Visitors would enter through a columned porch called an aithousa; this was also where Telemachus and Peisistratus in The Odyssey slept when visiting Menelaus's palace in Sparta.  Mycenaean palaces probably did have a guest room or two for important people, but remember that the two princes arrived in the middle of a royal double wedding, when all the available space was probably taken.  The mistress of the house would make certain that guests sleeping on the aithousa were furnished with blankets and warm fleeces, and that they were fed and washed according to the strict codes of hospitality.

No one entered the megaron after-hours.

Double doors led from the aithousa into the vestibule or prodomos, an area where important petitioners or ambassadors might wait on benches.  A curtain separated the vestibule from the domos, or main area--the megaron itself.

Inside the megaron, a fire burned on the central hearth with its four pillars.  The throne sat not opposite the doors, as you might expect, but on the right as you entered.  Often, there was a second-floor gallery where the court ladies might watch the proceedings.

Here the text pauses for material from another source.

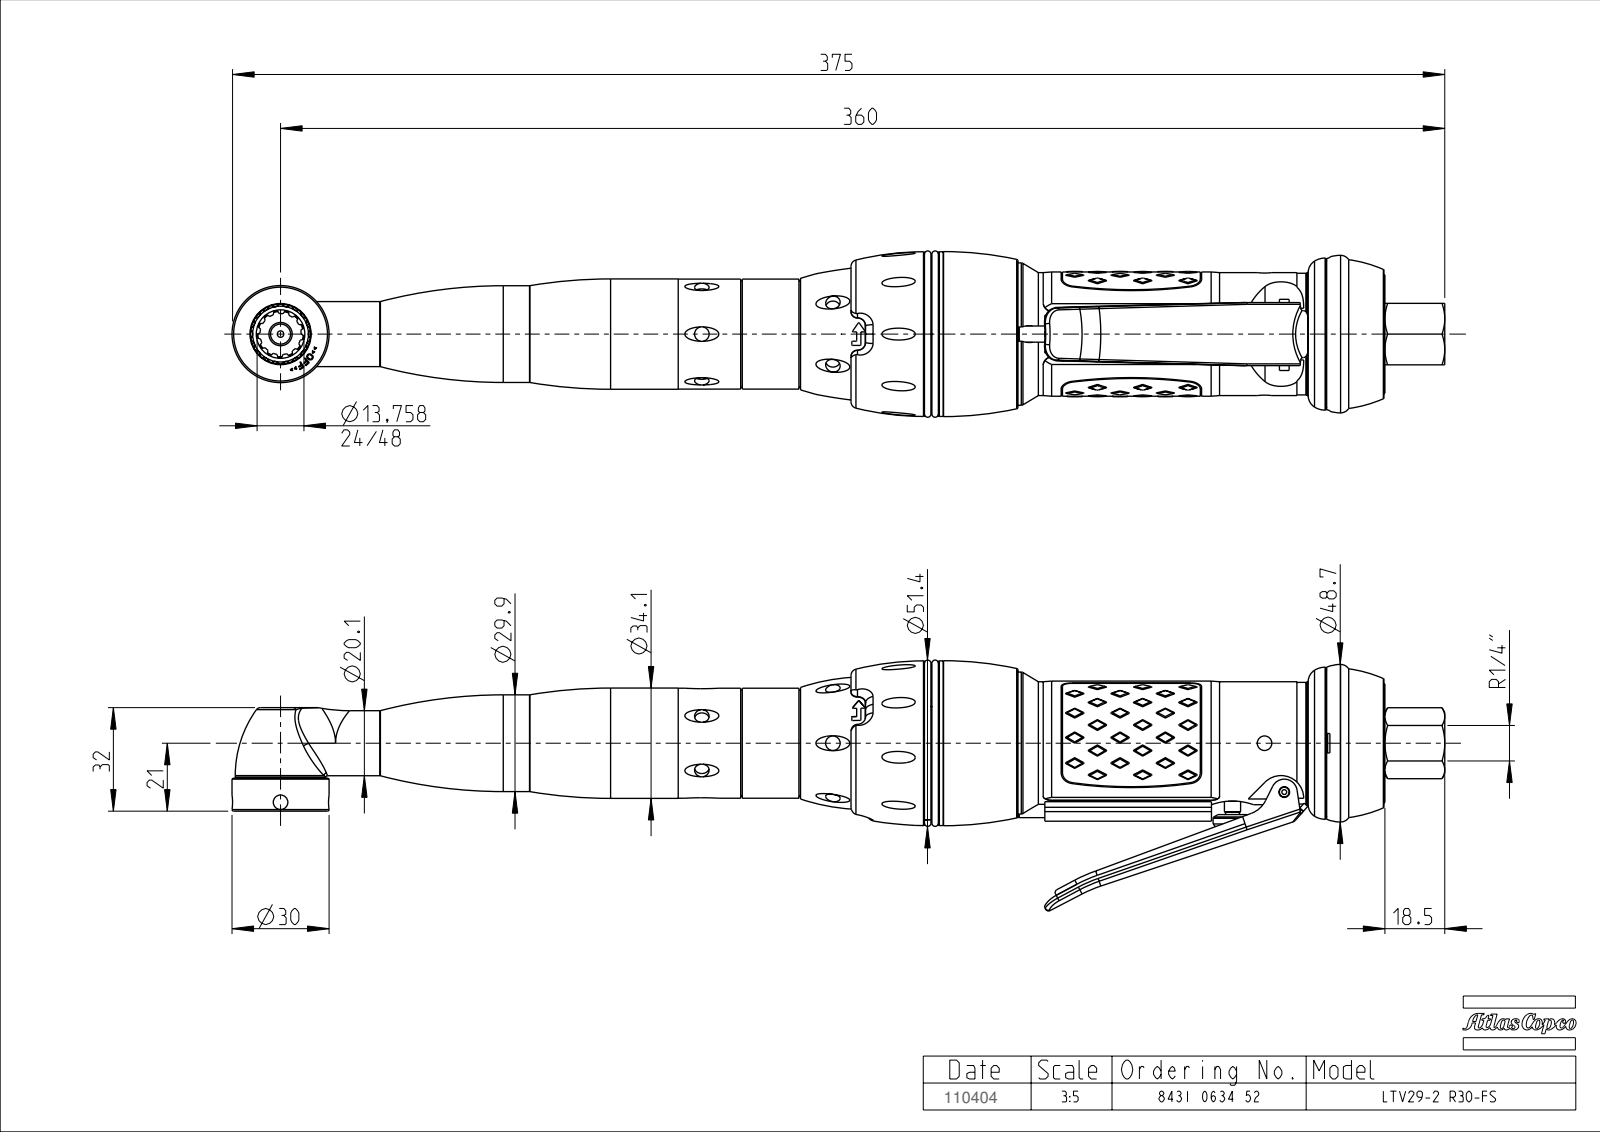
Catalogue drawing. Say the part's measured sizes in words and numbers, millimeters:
The part is named "TMP83141_SW". Its 3-D file was written by "PRO/ENGINEER BY PARAMETRIC TECHNOLOGY CORPORATION, 2008310 (CONFIG_CONTROL_DESIGN)". It is 0 solids with 358 faces: 52 planar, 145 cylindrical and 161 other. Overall it measures 374.8 by 77.55 by 51.4 millimeters. Round holes: 4 of diameter 4.5, 2 of diameter 5.5, 1 of diameter 11, 1 of diameter 15, 1 of diameter 18.9. Round bosses or shafts: 1 of diameter 50.9, 1 of diameter 44, 1 of diameter 38.4, 1 of diameter 38, 1 of diameter 37.6, 1 of diameter 35.8, 1 of diameter 34.1, 1 of diameter 34. Partial cylindrical surfaces (rounded edges, fillets, slot ends): 3 of radius 1, 2 of radius 0.2, 2 of radius 4, 2 of radius 5, 2 of radius 19, 2 of radius 20.5, 1 of radius 6, 1 of radius 6.35. The main face-to-face distances are 19, 3, 19.25, 18.5, 21.5, 32, 19.5, 11.3, 20.7, 4.1. The hole center spacings are 13.5, 21.84.
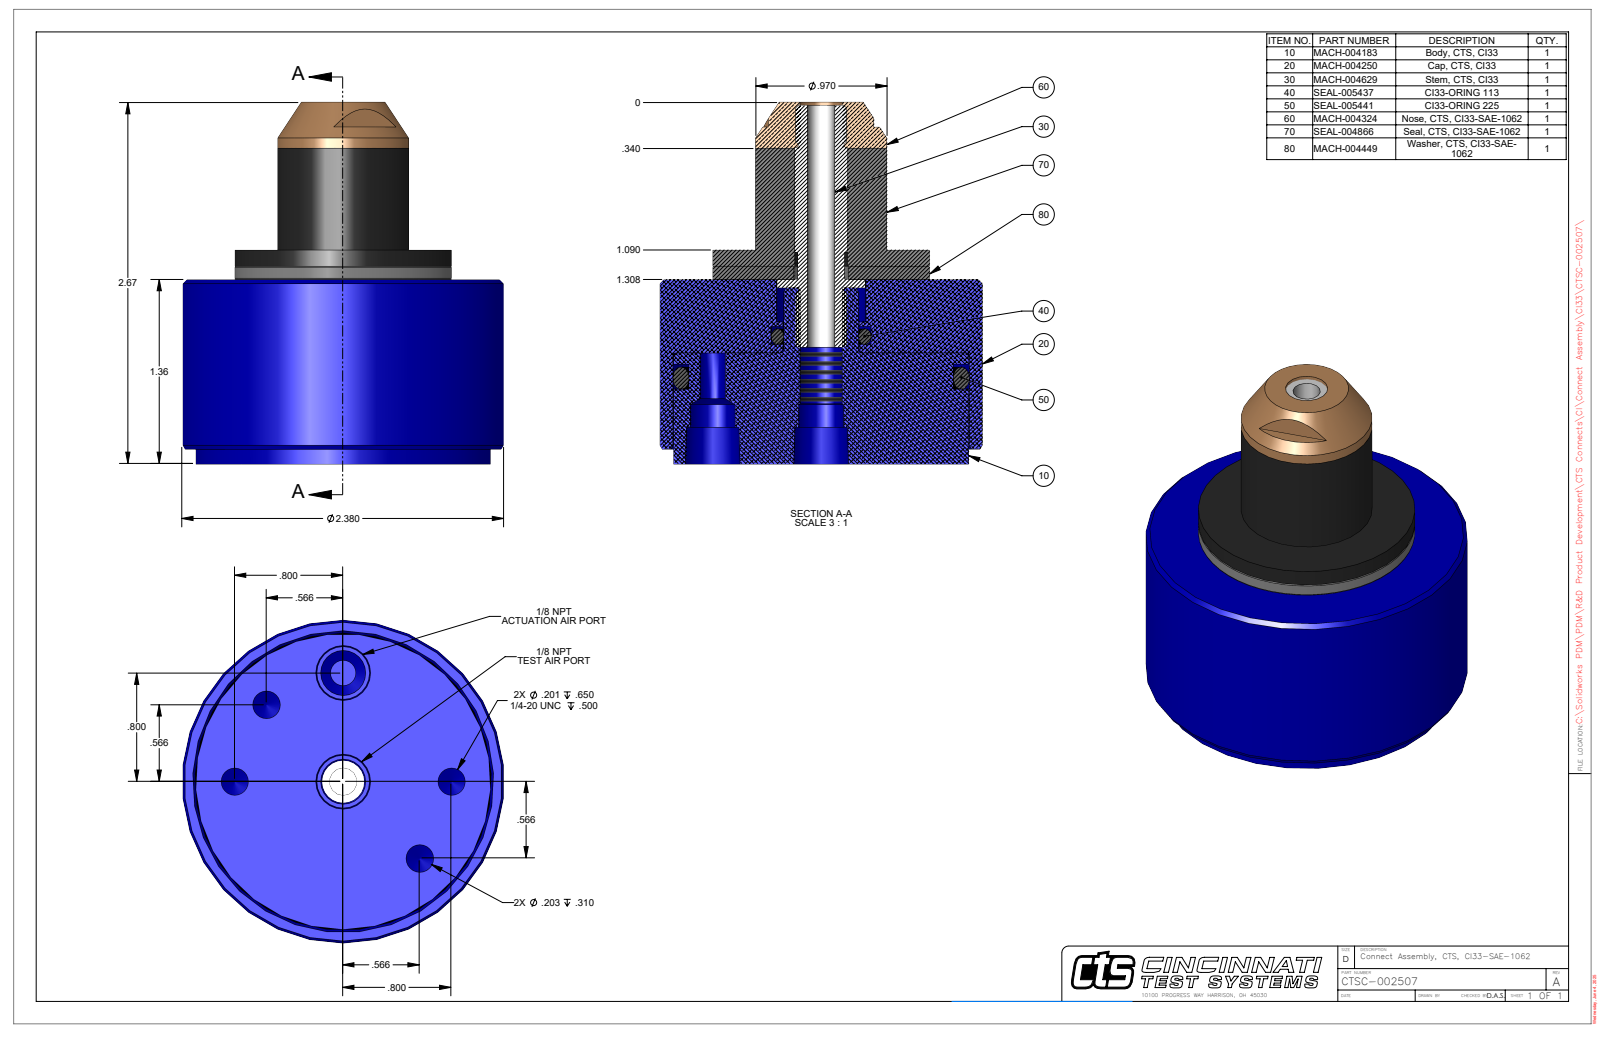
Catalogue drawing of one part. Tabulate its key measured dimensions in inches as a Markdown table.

As to what the megaron looked like, let's start with this famous Piet de Jong reconstruction of the Pylos megaron (throne room), found by Carl Blegen in the 1930s.   Only the first floor survives, with its hearth (still bearing traces of its painted decorations 3,200 years later), the pillar bases, the floor decorations done in painted stucco, and the dais where King Nestor's wooden throne would have sat.

 

 

De Jong's illustration is deceiving, because anyone who has ever visited the archaeological site of the Palace of Nestor in Messenia knows the real megaron is much smaller, only 11 meters wide.  It also would have been darker, as there were no windows, and the only light would have come from the hearth.  It would have been quite smoky as well, especially in winter, as seen in this more realistic painting by Alton Tobey.  Imagine yourself looking over the king's shoulder; the man at his right is sitting in the place of honor.